Peltier had a chance for release in 2009, but it would have meant admitting to the murder of two FBI agents, and he refused. His parole was then denied. 

“Whatever punishment was meant to be meted out to Leonard has been done. It’s done,” Arizona Rep. Raul Grijalva told HuffPost. “The fact that he has held to his innocence shouldn’t be a reason to deny this. He has been consistent about his position from the beginning ― from being arrested to incarcerated to this day.”

Peltier’s attorney Kevin Sharp told the Tennessee Lookout that his client’s release all comes down to politics and fear of retribution from the FBI. 

“In order to get clemency, you have to get the FBI on board. They have an inherent conflict. You have to get the U.S. Attorney’s Office on board.

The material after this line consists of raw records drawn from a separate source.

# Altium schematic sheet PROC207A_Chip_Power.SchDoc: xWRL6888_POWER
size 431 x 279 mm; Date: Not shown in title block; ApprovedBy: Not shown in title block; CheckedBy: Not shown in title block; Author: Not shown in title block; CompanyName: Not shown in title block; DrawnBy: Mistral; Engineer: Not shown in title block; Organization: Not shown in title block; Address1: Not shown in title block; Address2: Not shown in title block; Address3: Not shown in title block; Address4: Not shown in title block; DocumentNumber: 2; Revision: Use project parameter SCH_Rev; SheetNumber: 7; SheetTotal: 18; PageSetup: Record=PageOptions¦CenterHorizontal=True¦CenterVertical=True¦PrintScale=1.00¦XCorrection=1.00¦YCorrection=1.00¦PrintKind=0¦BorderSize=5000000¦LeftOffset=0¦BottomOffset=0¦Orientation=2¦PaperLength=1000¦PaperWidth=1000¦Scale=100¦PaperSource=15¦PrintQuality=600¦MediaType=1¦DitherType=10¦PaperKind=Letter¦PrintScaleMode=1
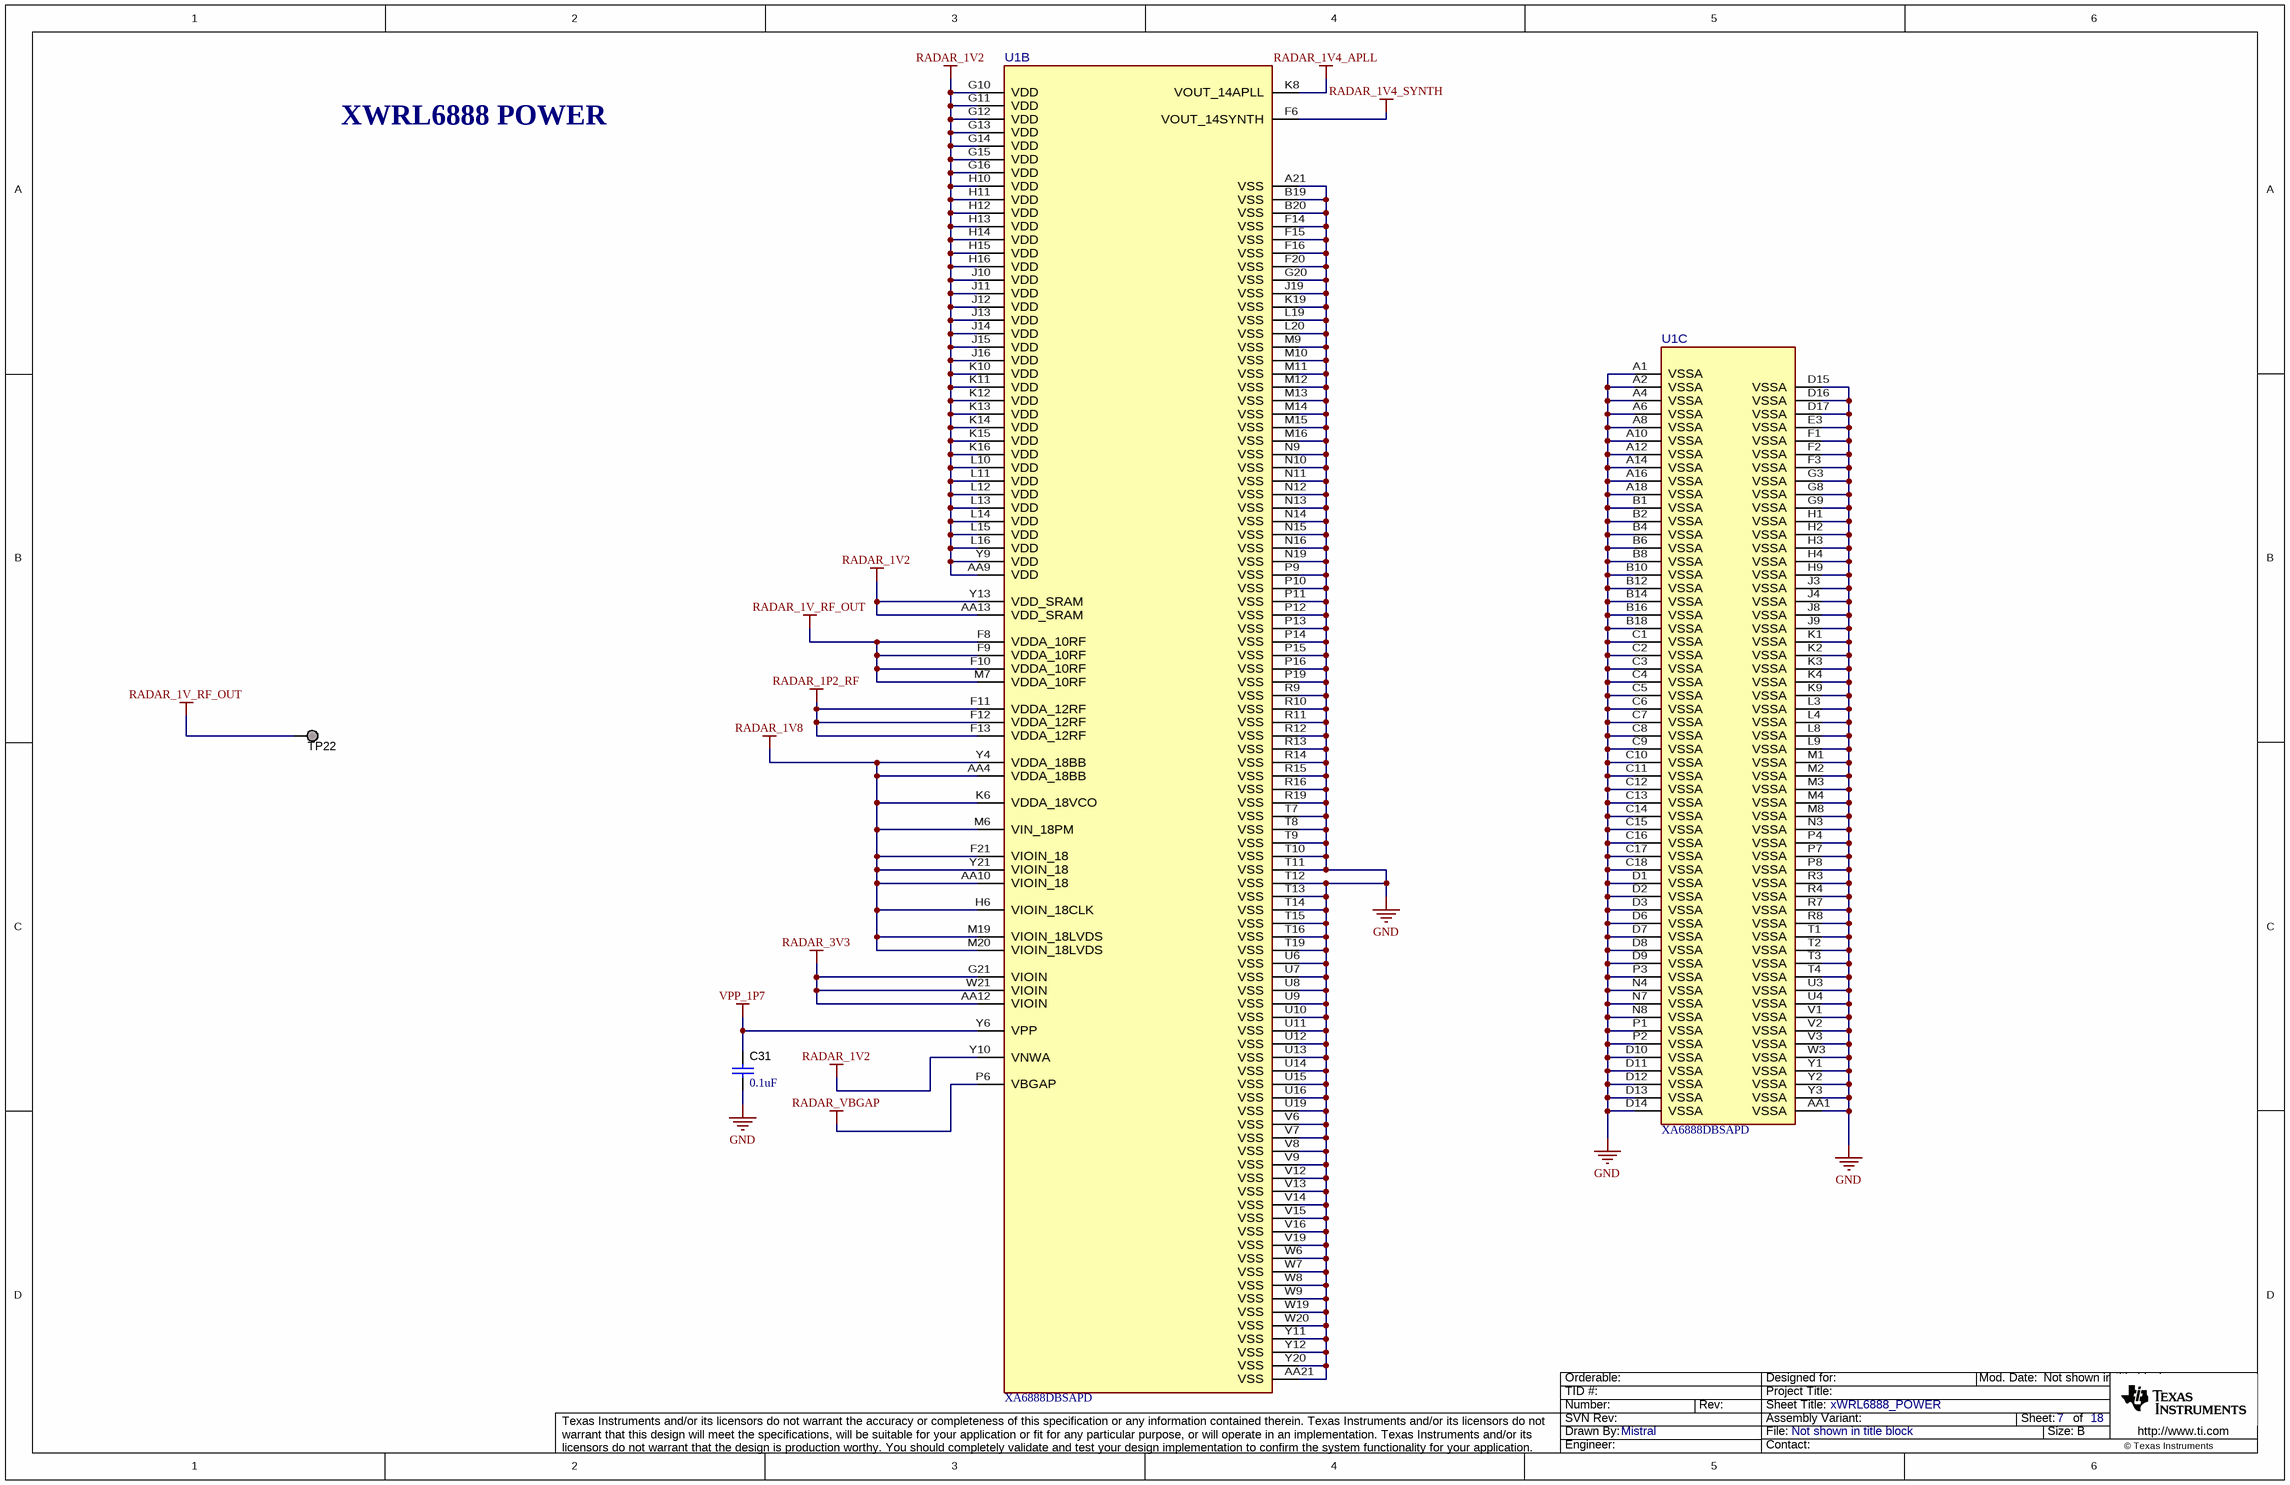
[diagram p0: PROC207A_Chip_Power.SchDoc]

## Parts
C31  ValueDisplayed: 0.1uF  [0402]  (hidden comment: GCM155R71H104KE02D)
TP22  TESTPOINT  [TP_VIA_060RND040]  (value not drawn)  (no BOM)
U1  XA6888DBSAPD  [0-MFG]  (parts B,C of 3)

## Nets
GND: C31.2 U1.A1(VSSA) U1.A2(VSSA) U1.A4(VSSA) U1.A6(VSSA) U1.A8(VSSA) U1.A10(VSSA) U1.A12(VSSA) U1.A14(VSSA) U1.A16(VSSA) U1.A18(VSSA) U1.A21(VSS) U1.AA1(VSSA) U1.AA21(VSS) U1.B1(VSSA) U1.B2(VSSA) U1.B4(VSSA) U1.B6(VSSA) U1.B8(VSSA) U1.B10(VSSA) U1.B12(VSSA) U1.B14(VSSA) U1.B16(VSSA) U1.B18(VSSA) U1.B19(VSS) U1.B20(VSS) U1.C1(VSSA) U1.C2(VSSA) U1.C3(VSSA) U1.C4(VSSA) U1.C5(VSSA) U1.C6(VSSA) U1.C7(VSSA) U1.C8(VSSA) U1.C9(VSSA) U1.C10(VSSA) U1.C11(VSSA) U1.C12(VSSA) U1.C13(VSSA) U1.C14(VSSA) U1.C15(VSSA) U1.C16(VSSA) U1.C17(VSSA) U1.C18(VSSA) U1.D1(VSSA) U1.D2(VSSA) U1.D3(VSSA) U1.D6(VSSA) U1.D7(VSSA) U1.D8(VSSA) U1.D9(VSSA) U1.D10(VSSA) U1.D11(VSSA) U1.D12(VSSA) U1.D13(VSSA) U1.D14(VSSA) U1.D15(VSSA) U1.D16(VSSA) U1.D17(VSSA) U1.E3(VSSA) U1.F1(VSSA) U1.F2(VSSA) U1.F3(VSSA) U1.F14(VSS) U1.F15(VSS) U1.F16(VSS) U1.F20(VSS) U1.G3(VSSA) U1.G8(VSSA) U1.G9(VSSA) U1.G20(VSS) U1.H1(VSSA) U1.H2(VSSA) U1.H3(VSSA) U1.H4(VSSA) U1.H9(VSSA) U1.J3(VSSA) U1.J4(VSSA) U1.J8(VSSA) U1.J9(VSSA) U1.J19(VSS) U1.K1(VSSA) U1.K2(VSSA) U1.K3(VSSA) U1.K4(VSSA) U1.K9(VSSA) U1.K19(VSS) U1.L3(VSSA) U1.L4(VSSA) U1.L8(VSSA) U1.L9(VSSA) U1.L19(VSS) U1.L20(VSS) U1.M1(VSSA) U1.M2(VSSA) U1.M3(VSSA) U1.M4(VSSA) U1.M8(VSSA) U1.M9(VSS) U1.M10(VSS) U1.M11(VSS) U1.M12(VSS) U1.M13(VSS) U1.M14(VSS) U1.M15(VSS) U1.M16(VSS) U1.N3(VSSA) U1.N4(VSSA) U1.N7(VSSA) U1.N8(VSSA) U1.N9(VSS) U1.N10(VSS) U1.N11(VSS) U1.N12(VSS) U1.N13(VSS) U1.N14(VSS) U1.N15(VSS) U1.N16(VSS) U1.N19(VSS) U1.P1(VSSA) U1.P2(VSSA) U1.P3(VSSA) U1.P4(VSSA) U1.P7(VSSA) U1.P8(VSSA) U1.P9(VSS) U1.P10(VSS) U1.P11(VSS) U1.P12(VSS) U1.P13(VSS) U1.P14(VSS) U1.P15(VSS) U1.P16(VSS) U1.P19(VSS) U1.R3(VSSA) U1.R4(VSSA) U1.R7(VSSA) U1.R8(VSSA) U1.R9(VSS) U1.R10(VSS) U1.R11(VSS) U1.R12(VSS) U1.R13(VSS) U1.R14(VSS) U1.R15(VSS) U1.R16(VSS) U1.R19(VSS) U1.T1(VSSA) U1.T2(VSSA) U1.T3(VSSA) U1.T4(VSSA) U1.T7(VSS) U1.T8(VSS) U1.T9(VSS) U1.T10(VSS) U1.T11(VSS) U1.T12(VSS) U1.T13(VSS) U1.T14(VSS) U1.T15(VSS) U1.T16(VSS) U1.T19(VSS) U1.U3(VSSA) U1.U4(VSSA) U1.U6(VSS) U1.U7(VSS) U1.U8(VSS) U1.U9(VSS) U1.U10(VSS) U1.U11(VSS) U1.U12(VSS) U1.U13(VSS) U1.U14(VSS) U1.U15(VSS) U1.U16(VSS) U1.U19(VSS) U1.V1(VSSA) U1.V2(VSSA) U1.V3(VSSA) U1.V6(VSS) U1.V7(VSS) U1.V8(VSS) U1.V9(VSS) U1.V12(VSS) U1.V13(VSS) U1.V14(VSS) U1.V15(VSS) U1.V16(VSS) U1.V19(VSS) U1.W3(VSSA) U1.W6(VSS) U1.W7(VSS) U1.W8(VSS) U1.W9(VSS) U1.W19(VSS) U1.W20(VSS) U1.Y1(VSSA) U1.Y2(VSSA) U1.Y3(VSSA) U1.Y11(VSS) U1.Y12(VSS) U1.Y20(VSS)
RADAR_1P2_RF: U1.F11(VDDA_12RF) U1.F12(VDDA_12RF) U1.F13(VDDA_12RF)
RADAR_1V2: U1.AA9(VDD) U1.AA13(VDD_SRAM) U1.G10(VDD) U1.G11(VDD) U1.G12(VDD) U1.G13(VDD) U1.G14(VDD) U1.G15(VDD) U1.G16(VDD) U1.H10(VDD) U1.H11(VDD) U1.H12(VDD) U1.H13(VDD) U1.H14(VDD) U1.H15(VDD) U1.H16(VDD) U1.J10(VDD) U1.J11(VDD) U1.J12(VDD) U1.J13(VDD) U1.J14(VDD) U1.J15(VDD) U1.J16(VDD) U1.K10(VDD) U1.K11(VDD) U1.K12(VDD) U1.K13(VDD) U1.K14(VDD) U1.K15(VDD) U1.K16(VDD) U1.L10(VDD) U1.L11(VDD) U1.L12(VDD) U1.L13(VDD) U1.L14(VDD) U1.L15(VDD) U1.L16(VDD) U1.Y9(VDD) U1.Y10(VNWA) U1.Y13(VDD_SRAM)
RADAR_1V4_APLL: U1.K8(VOUT_14APLL)
RADAR_1V4_SYNTH: U1.F6(VOUT_14SYNTH)
RADAR_1V8: U1.AA4(VDDA_18BB) U1.AA10(VIOIN_18) U1.F21(VIOIN_18) U1.H6(VIOIN_18CLK) U1.K6(VDDA_18VCO) U1.M6(VIN_18PM) U1.M19(VIOIN_18LVDS) U1.M20(VIOIN_18LVDS) U1.Y4(VDDA_18BB) U1.Y21(VIOIN_18)
RADAR_1V_RF_OUT: TP22.1 U1.F8(VDDA_10RF) U1.F9(VDDA_10RF) U1.F10(VDDA_10RF) U1.M7(VDDA_10RF)
RADAR_3V3: U1.AA12(VIOIN) U1.G21(VIOIN) U1.W21(VIOIN)
RADAR_VBGAP: U1.P6(VBGAP)
VPP_1P7: C31.1 U1.Y6(VPP)

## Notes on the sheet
- XWRL6888 POWER

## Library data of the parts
C31 = CMP-0006356-2: CAP, CERM, 0.1 uF, 50 V, +/- 10%, X7R, AEC-Q200 Grade 1, 0402; Manufacturer: MuRata; TaMin_C: -55°C; Polarized: N; SizeAreaWB_mm2: 3; Value1: Unknown; U/M: EA; Value: 0.1uF; TaMax_C: 125°C; SizeZ_mm: 0.6; SizeX_mm: 1; SizeY_mm: 0.5; Value2: 50V; AEC Qualified: Y; Cap_F: 100nF; AEC Category: Q200
TP22 = CMP-0078143-3: TEST POINT.  No entry in BOM.
U1 = CMP-0122984-4: Manufacturer: Texas Instruments; SizeZ_mm: 1.044mm; AEC Qualified: Unknown; Standoff Height: 0.155mm; AEC Category: Q200; CompType: IC

They lied to get him in prison. They have an inherent conflict. They’re not going to say, ‘Oops, sorry,” Sharp told HuffPost. 

Former President Bill Clinton considered clemency, but after surviving his own impeachment hearings, he wouldn’t have wanted to step out and go toe-to-toe with the FBI. Then former President Barack Obama was given Peltier’s case for review and he refused to oppose the FBI. Even former President Donald Trump considered the case but ultimately punted it. 

Peltier’s last chance for clemency is from President Joe Biden. Hundreds of thousands of people have signed petitions supporting his release and with Deb Haaland, the first Indigenous Cabinet Secretary, leading the Interior Department, there’s a sliver of hope to save Peltier from dying in prison. 

Haaland has been a vocal advocate for Peltier’s case, along with Petuuche Gilbert, president of Indigenous World Association; Norman Patrick Brown, who was among one of the young persons who survived the June 26, 1975 shootout; human rights advocate, Eda Gordon; and Lenny Foster, Peltier’s Spiritual Advisor of over 30 years who is Board member of the International Indian Treaty Council and American Indian Movement.

Even Reynolds has pleaded with Biden to grant Peltier clemency as a step toward healing  “the broken relationship” between Native Americans and the U.S. government.

“I urge you to chart a different path in the history of the government’s relationship with its Native people through a show of mercy rather than continued indifference,” he said. “I urge you to take a step towards healing a wound that I had a part in making.”

In October, Grijalva led 10 House Democrats in a letter to the president and Attorney General Merrick Garland beseeching him to expedite Peltier’s release and grant him clemency amid his deteriorating health, his age, and the COVID-19 pandemic. 

“Where are our human rights activists? You are hearing from me, and with me, many desperate men and women! They are turning an already harsh environment into an asylum, and for many who did not receive a death penalty, we are now staring down the face of one! Help me, my brothers and sisters, help me my good friends,” Peltier writes.